Energy analysis of the system (leaking bucket from Morin's "Mechanics"

[Michael Korobov]

Homework Statement

Problem 5.17 from David Morin's "Introduction to classical mechanics"
At t = 0, a massless bucket contains a mass M of sand. It is connected to a wall by a massless spring with constant tension T (that is, independent of length). The ground is frictionless, and the initial distance to the wall is L. At later times, let x be the distance from the wall, and let m be the mass of sand in the bucket. The bucket is released, and on its way to the wall, it leaks sand at a rate dm/dx = M/L. In other words, the rate is constant with respect to distance, not time; and it ends up empty right when it reaches the wall. Note that dx is negative, so dm is also.
Q.
(a) What is the kinetic energy of the (sand in the) bucket, as a function of x? What is its maximum value?

Relevant Equations

Conservation of momentum

Hi,
Can you please help me understand how the formula of energy decreasing during a sand leaking is obtained?
One of possible solution to this problem, suggested in the textbook, states that when the bucket moves from x to x+dx (d is negative), there are two components responsible of energy change: one is due to the work done by the spring (-T)dx, and another which is proportional to dx/x, i.e. the energy change is E dx/x. Thus
$$dE=-Tdx+E\frac{dx}{x}$$.
How this component E dx/x is obtained?
Thanks a lot!

 

[haruspex]

How much sand is in the bucket when x from the wall?
What fraction is lost in the next dx?
What fraction of its KE is that?

 

[kuruman]

Without wishing to detract from the textbook's approach, I think it is more straightforward to write down Newton's second law as $T=m(\xi)a$ where $m(\xi)$ is the mass of the sand when the bucket is at distance $\xi$ from the wall and then note that $a=\dfrac{dv}{dt}=\dfrac{dv}{dx}\dfrac{dx}{dt}=v\dfrac{dv}{dx}=-v\dfrac{dv}{d\xi}.$ The resulting equation is separable.

 

[Tomy World]

To solve this problem, these are the key equations to be resolved.
$$\frac {dm} {dx} = \frac {M} {L} $$.... get m(x)
$$T=ma ⇒ \frac {dT} {dx} = 0 = m \frac {da} {dx} + a \frac {dm} {dx} $$.... get a(x)
$$a = \frac {dv} {dt} = \frac {dv} {dx} \frac {dx} {dt} = v \frac {dv} {dx} ⇒ a dx = v dv $$.... get v(x)

Finally,
$$\text{Kinetic Energy} = E =\frac {mv^2} {2} $$.... get E(x)

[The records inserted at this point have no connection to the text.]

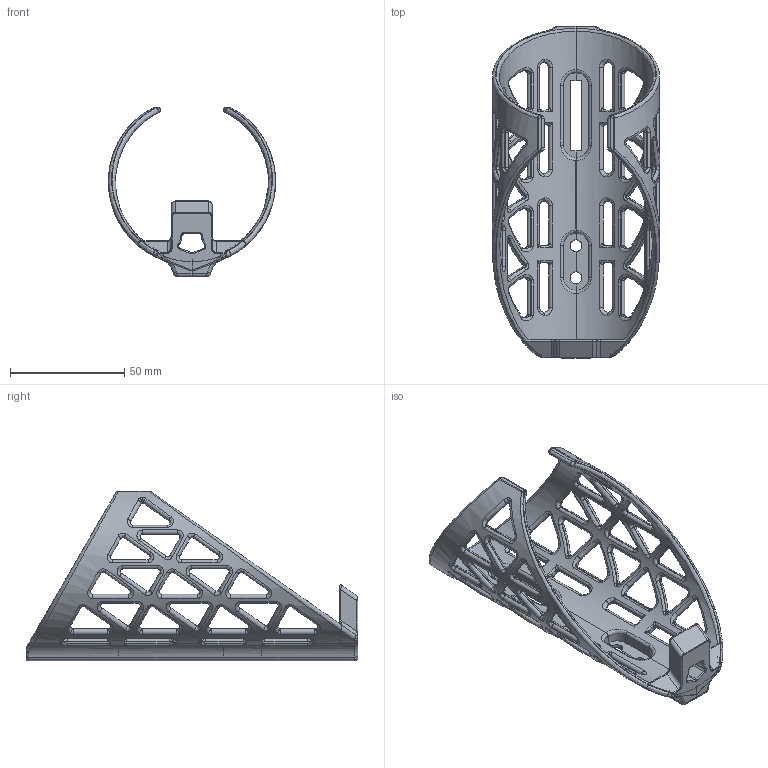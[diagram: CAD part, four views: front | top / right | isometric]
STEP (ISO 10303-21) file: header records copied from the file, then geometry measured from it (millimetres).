
FILE_DESCRIPTION(('HOOPS Exchange Step'),'2;1');
FILE_NAME('C:\Users\Andrew Hopkins\AppData\Local\Packages\Shapr3D.Shapr3D_j403pzjkqtqbj\TempState\export\temp_export','2025-07-27T11:04:49-07:00',('Andrew Hopkins'),('Shapr3D Limited'),'HOOPS Exchange 2025.5','Shapr3D','Authorized');
FILE_SCHEMA( ('AP242_MANAGED_MODEL_BASED_3D_ENGINEERING_MIM_LF {1 0 10303 442 1 1 4}') );
Length unit declared in the file: millimetre
Products named in the file (2): ring_screw.step; root
Assembly tree (1 placements, depth 2):
  root
    ring_screw.step
Bounding box: 73 x 145 x 74 mm (x, y, z)
Volume: 48267.8 mm3; surface area: 34632.4 mm2
Topology: 3 solids, 3 shells, 1145 faces, 2883 edges, 1688 vertices
Faces by surface type: bspline 528, cylinder 341, plane 212, torus 64
Entity records: 74588 total; most frequent: CARTESIAN_POINT 51119, ORIENTED_EDGE 5670, DIRECTION 3715, EDGE_CURVE 2835, VERTEX_POINT 1688, AXIS2_PLACEMENT_3D 1457, EDGE_LOOP 1219, FACE_BOUND 1219

If you got the equation correctly, the graph should look similar to the attached image (plot using https://www.transum.org/Maths/Activity/Graph/Desmos.asp)

 

[Tomy World]

Attached image shows how to get
$$dE = -Tdx + E\frac{dx} {x}$$
This is interesting. But I'm not sure how this approach helps in solving the problem ;-)

 

[haruspex]

Attached image shows how to get
$$dE = -Tdx + E\frac{dx} {x}$$
This is interesting. But I'm not sure how this approach helps in solving the problem ;-)

Dividing through by x makes it directly integrable.